[perf] Benchmarks and AC/AC2 contraction improvements #345

lkdvos · 2025-11-03T19:07:19Z

This is a combination of setting up a more thorough benchmark suite to allow further testing in the future, and various changes for our AC and AC2 contractions.

As already pointed out in #270, and a follow-up in #330 when we are performing repeated applications of the effective local hamiltonian, it can actually be beneficial to alter the contraction order to hoist certain contractions out of the loop.
This is especially important for symmetries, as this avoids doing more permutations within the loop, which becomes increasingly important.

With this in mind, I first refactored the way we are "preparing the operators" before fixedpoint is invoked. Basically, I added an optional hook there to do some pre- and post-processing on the operator and initial vector precisely at the point where we know there will be a repeated application of the operator.
This also provides the entry point of the benchmark suite, to be able to gauge the preparation time vs application time.

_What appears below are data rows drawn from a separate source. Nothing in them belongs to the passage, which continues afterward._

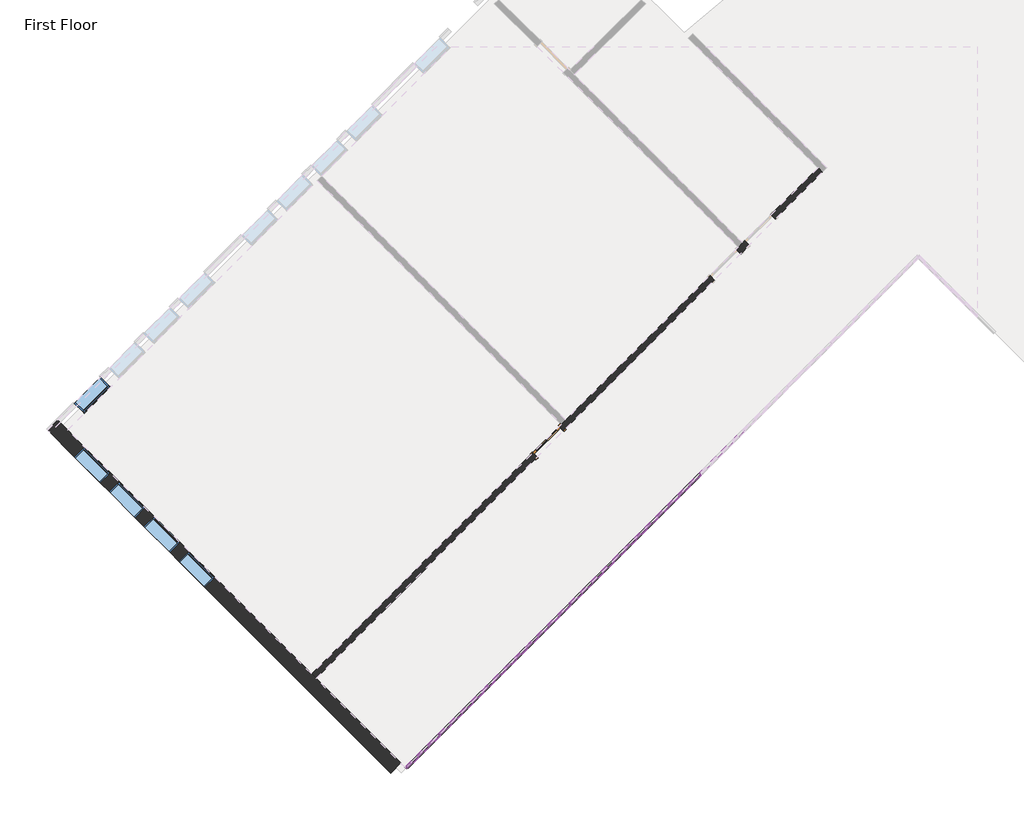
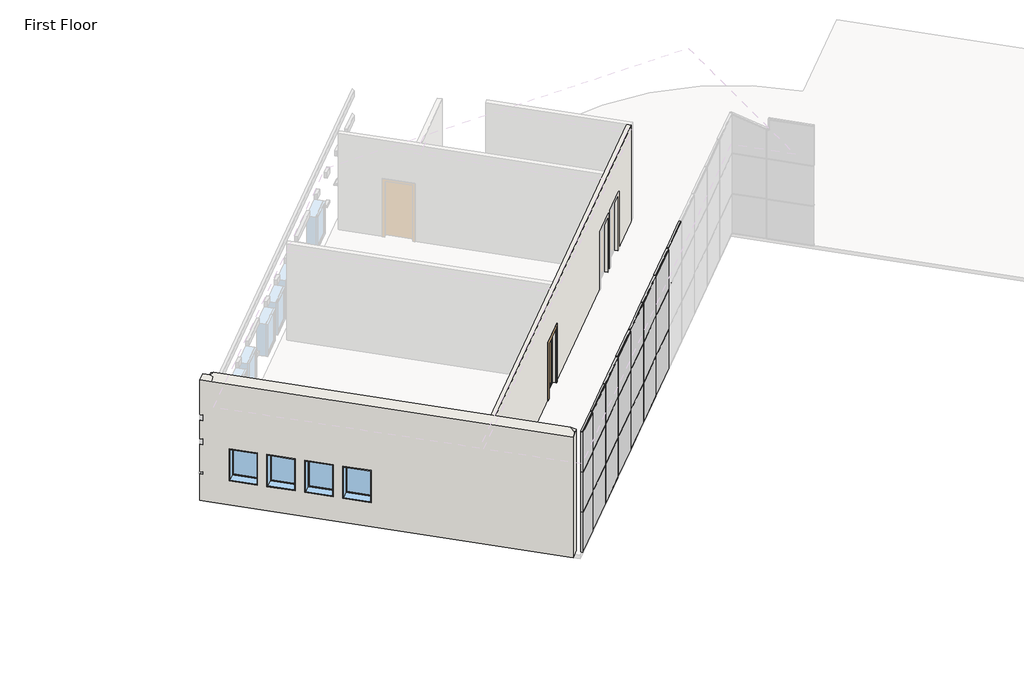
# One storey, part 1 of 5: 55 members, 21 plates, 5 windows, 2 walls, 1 door.
"""IFC4 building model written with IfcOpenShell, lengths in millimetres."""

from ifc_helpers import new_model, si_unit, origin, place, context, project, spatial, faceted_brep, transform, mapped, element, save
from components import door_b81abb0e, member_bd80eb51, member_155beb68, member_42be4715, member_6121af53, member_a3731390, member_b87a50da, system_panel_glazed_da345f4e, system_panel_glazed_b4114ee2, system_panel_glazed_f1e4c5b0, system_panel_glazed_dc791129, system_panel_solid_2f1037e2, system_panel_solid_6e0f4c8d, window_15c49d37, window_0e2fc6ce

model = new_model("IFC4")

# Units and contexts
model_context = context("Model", 3, world=origin())
ifc_project = project(units=[si_unit("LENGTHUNIT", "METRE", prefix="MILLI")], contexts=[model_context])

# Site, building, storey
site = spatial("IfcSite", under=ifc_project)
building = spatial("IfcBuilding", under=site)
storey = spatial("IfcBuildingStorey", under=building, Name="First Floor", Elevation=0.0)

# Door
placement = place(None, origin())
door_shape = door_b81abb0e(model_context)
element("IfcDoor", 1, ObjectType="Single-Glass 1 : 36\" x 84\"", at=placement, inside=storey, context=model_context, shape_type="MappedRepresentation", body=[
    mapped(door_shape, transform((-12027.7718255, -1647.4849877, 0.0), x_axis=(0.7071067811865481, 0.7071067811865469, 0.0), y_axis=(-0.7071067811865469, 0.7071067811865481, 0.0), z_axis=(0.0, 0.0, 1.0))),
])

# Members
member_shape = member_bd80eb51(model_context)
element("IfcMember", 2, ObjectType="Rectangular Mullion : 1.5\" x 2.5\" Rectangular", at=placement, inside=storey, context=model_context, shape_type="MappedRepresentation", body=[
    mapped(member_shape, transform((-15523.4543029, -9702.8925106, 4572.0), x_axis=(0.0, 0.0, 1.0), y_axis=(-0.7071067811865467, 0.7071067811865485, 0.0), z_axis=(-0.7071067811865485, -0.7071067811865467, 0.0))),
])
member_2_shape = member_155beb68(model_context)
element("IfcMember", 3, ObjectType="Rectangular Mullion : 1.5\" x 2.5\" Rectangular", at=placement, inside=storey, context=model_context, shape_type="MappedRepresentation", body=[
    mapped(member_2_shape, transform((-8256.1820369, -2435.6202446, 0.0), x_axis=(-0.7071067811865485, -0.7071067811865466, 0.0), y_axis=(-0.7071067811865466, 0.7071067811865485, 0.0), z_axis=(0.0, 0.0, -1.0))),
])
element("IfcMember", 4, ObjectType="Rectangular Mullion : 1.5\" x 2.5\" Rectangular", at=placement, inside=storey, context=model_context, shape_type="MappedRepresentation", body=[
    mapped(member_2_shape, transform((-9333.8127715, -3513.2509792, 0.0), x_axis=(-0.7071067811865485, -0.7071067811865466, 0.0), y_axis=(-0.7071067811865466, 0.7071067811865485, 0.0), z_axis=(0.0, 0.0, -1.0))),
])
element("IfcMember", 5, ObjectType="Rectangular Mullion : 1.5\" x 2.5\" Rectangular", at=placement, inside=storey, context=model_context, shape_type="MappedRepresentation", body=[
    mapped(member_2_shape, transform((-10411.443506, -4590.8817137, 0.0), x_axis=(-0.7071067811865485, -0.7071067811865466, 0.0), y_axis=(-0.7071067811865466, 0.7071067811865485, 0.0), z_axis=(0.0, 0.0, -1.0))),
])
element("IfcMember", 6, ObjectType="Rectangular Mullion : 1.5\" x 2.5\" Rectangular", at=placement, inside=storey, context=model_context, shape_type="MappedRepresentation", body=[
    mapped(member_2_shape, transform((-11489.0742405, -5668.5124482, 0.0), x_axis=(-0.7071067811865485, -0.7071067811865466, 0.0), y_axis=(-0.7071067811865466, 0.7071067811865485, 0.0), z_axis=(0.0, 0.0, -1.0))),
])
element("IfcMember", 7, ObjectType="Rectangular Mullion : 1.5\" x 2.5\" Rectangular", at=placement, inside=storey, context=model_context, shape_type="MappedRepresentation", body=[
    mapped(member_2_shape, transform((-12566.7049751, -6746.1431827, 0.0), x_axis=(-0.7071067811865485, -0.7071067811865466, 0.0), y_axis=(-0.7071067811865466, 0.7071067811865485, 0.0), z_axis=(0.0, 0.0, -1.0))),
])
element("IfcMember", 8, ObjectType="Rectangular Mullion : 1.5\" x 2.5\" Rectangular", at=placement, inside=storey, context=model_context, shape_type="MappedRepresentation", body=[
    mapped(member_2_shape, transform((-13644.3357096, -7823.7739173, 0.0), x_axis=(-0.7071067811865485, -0.7071067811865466, 0.0), y_axis=(-0.7071067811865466, 0.7071067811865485, 0.0), z_axis=(0.0, 0.0, -1.0))),
])
element("IfcMember", 9, ObjectType="Rectangular Mullion : 1.5\" x 2.5\" Rectangular", at=placement, inside=storey, context=model_context, shape_type="MappedRepresentation", body=[
    mapped(member_2_shape, transform((-14721.9664441, -8901.4046518, 0.0), x_axis=(-0.7071067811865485, -0.7071067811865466, 0.0), y_axis=(-0.7071067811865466, 0.7071067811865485, 0.0), z_axis=(0.0, 0.0, -1.0))),
])
element("IfcMember", 10, ObjectType="Rectangular Mullion : 1.5\" x 2.5\" Rectangular", at=placement, inside=storey, context=model_context, shape_type="MappedRepresentation", body=[
    mapped(member_2_shape, transform((-8256.1820369, -2435.6202446, 3048.0), x_axis=(-0.7071067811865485, -0.7071067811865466, 0.0), y_axis=(-0.7071067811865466, 0.7071067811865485, 0.0), z_axis=(0.0, 0.0, -1.0))),
])
element("IfcMember", 11, ObjectType="Rectangular Mullion : 1.5\" x 2.5\" Rectangular", at=placement, inside=storey, context=model_context, shape_type="MappedRepresentation", body=[
    mapped(member_2_shape, transform((-9333.8127715, -3513.2509792, 3048.0), x_axis=(-0.7071067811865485, -0.7071067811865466, 0.0), y_axis=(-0.7071067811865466, 0.7071067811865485, 0.0), z_axis=(0.0, 0.0, -1.0))),
])
element("IfcMember", 12, ObjectType="Rectangular Mullion : 1.5\" x 2.5\" Rectangular", at=placement, inside=storey, context=model_context, shape_type="MappedRepresentation", body=[
    mapped(member_2_shape, transform((-10411.443506, -4590.8817137, 3048.0), x_axis=(-0.7071067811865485, -0.7071067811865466, 0.0), y_axis=(-0.7071067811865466, 0.7071067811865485, 0.0), z_axis=(0.0, 0.0, -1.0))),
])
element("IfcMember", 13, ObjectType="Rectangular Mullion : 1.5\" x 2.5\" Rectangular", at=placement, inside=storey, context=model_context, shape_type="MappedRepresentation", body=[
    mapped(member_2_shape, transform((-11489.0742405, -5668.5124482, 3048.0), x_axis=(-0.7071067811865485, -0.7071067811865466, 0.0), y_axis=(-0.7071067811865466, 0.7071067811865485, 0.0), z_axis=(0.0, 0.0, -1.0))),
])
element("IfcMember", 14, ObjectType="Rectangular Mullion : 1.5\" x 2.5\" Rectangular", at=placement, inside=storey, context=model_context, shape_type="MappedRepresentation", body=[
    mapped(member_2_shape, transform((-12566.7049751, -6746.1431827, 3048.0), x_axis=(-0.7071067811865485, -0.7071067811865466, 0.0), y_axis=(-0.7071067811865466, 0.7071067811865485, 0.0), z_axis=(0.0, 0.0, -1.0))),
])
element("IfcMember", 15, ObjectType="Rectangular Mullion : 1.5\" x 2.5\" Rectangular", at=placement, inside=storey, context=model_context, shape_type="MappedRepresentation", body=[
    mapped(member_2_shape, transform((-13644.3357096, -7823.7739173, 3048.0), x_axis=(-0.7071067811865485, -0.7071067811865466, 0.0), y_axis=(-0.7071067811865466, 0.7071067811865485, 0.0), z_axis=(0.0, 0.0, -1.0))),
])
element("IfcMember", 16, ObjectType="Rectangular Mullion : 1.5\" x 2.5\" Rectangular", at=placement, inside=storey, context=model_context, shape_type="MappedRepresentation", body=[
    mapped(member_2_shape, transform((-14721.9664441, -8901.4046518, 3048.0), x_axis=(-0.7071067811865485, -0.7071067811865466, 0.0), y_axis=(-0.7071067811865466, 0.7071067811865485, 0.0), z_axis=(0.0, 0.0, -1.0))),
])
element("IfcMember", 17, ObjectType="Rectangular Mullion : 1.5\" x 2.5\" Rectangular", at=placement, inside=storey, context=model_context, shape_type="MappedRepresentation", body=[
    mapped(member_2_shape, transform((-8256.1820369, -2435.6202446, 1524.0), x_axis=(-0.7071067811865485, -0.7071067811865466, 0.0), y_axis=(-0.7071067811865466, 0.7071067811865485, 0.0), z_axis=(0.0, 0.0, -1.0))),
])
element("IfcMember", 18, ObjectType="Rectangular Mullion : 1.5\" x 2.5\" Rectangular", at=placement, inside=storey, context=model_context, shape_type="MappedRepresentation", body=[
    mapped(member_2_shape, transform((-9333.8127715, -3513.2509792, 1524.0), x_axis=(-0.7071067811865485, -0.7071067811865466, 0.0), y_axis=(-0.7071067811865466, 0.7071067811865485, 0.0), z_axis=(0.0, 0.0, -1.0))),
])
element("IfcMember", 19, ObjectType="Rectangular Mullion : 1.5\" x 2.5\" Rectangular", at=placement, inside=storey, context=model_context, shape_type="MappedRepresentation", body=[
    mapped(member_2_shape, transform((-10411.443506, -4590.8817137, 1524.0), x_axis=(-0.7071067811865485, -0.7071067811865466, 0.0), y_axis=(-0.7071067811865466, 0.7071067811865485, 0.0), z_axis=(0.0, 0.0, -1.0))),
])
element("IfcMember", 20, ObjectType="Rectangular Mullion : 1.5\" x 2.5\" Rectangular", at=placement, inside=storey, context=model_context, shape_type="MappedRepresentation", body=[
    mapped(member_2_shape, transform((-11489.0742405, -5668.5124482, 1524.0), x_axis=(-0.7071067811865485, -0.7071067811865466, 0.0), y_axis=(-0.7071067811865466, 0.7071067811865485, 0.0), z_axis=(0.0, 0.0, -1.0))),
])
element("IfcMember", 21, ObjectType="Rectangular Mullion : 1.5\" x 2.5\" Rectangular", at=placement, inside=storey, context=model_context, shape_type="MappedRepresentation", body=[
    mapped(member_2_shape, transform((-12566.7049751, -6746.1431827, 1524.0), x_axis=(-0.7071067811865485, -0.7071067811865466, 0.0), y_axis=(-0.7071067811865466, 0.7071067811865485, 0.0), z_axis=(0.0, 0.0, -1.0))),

Then, I've added 3 updated contraction schemes, each with different optimizations.

0. Before the changes

The current state of affairs is that there are two different implementations, one for MPO's and one for Hamiltonians. The Hamiltonian implementation attempts to maximally make use of the specific structure of the JordanMPOTensors, by more or less manually writing out the different contraction paths.

From the tests and benchmarks, this seems to basically only matter for (next-)nearest-neighbor layouts, and the added code complexity should definitely be taken into account.
Additionally, this implementation silently assumes that the environments are coming from MPS that are properly gauged, as it replaces GL[1] and GR[end] with identities to avoid having to do the contractions.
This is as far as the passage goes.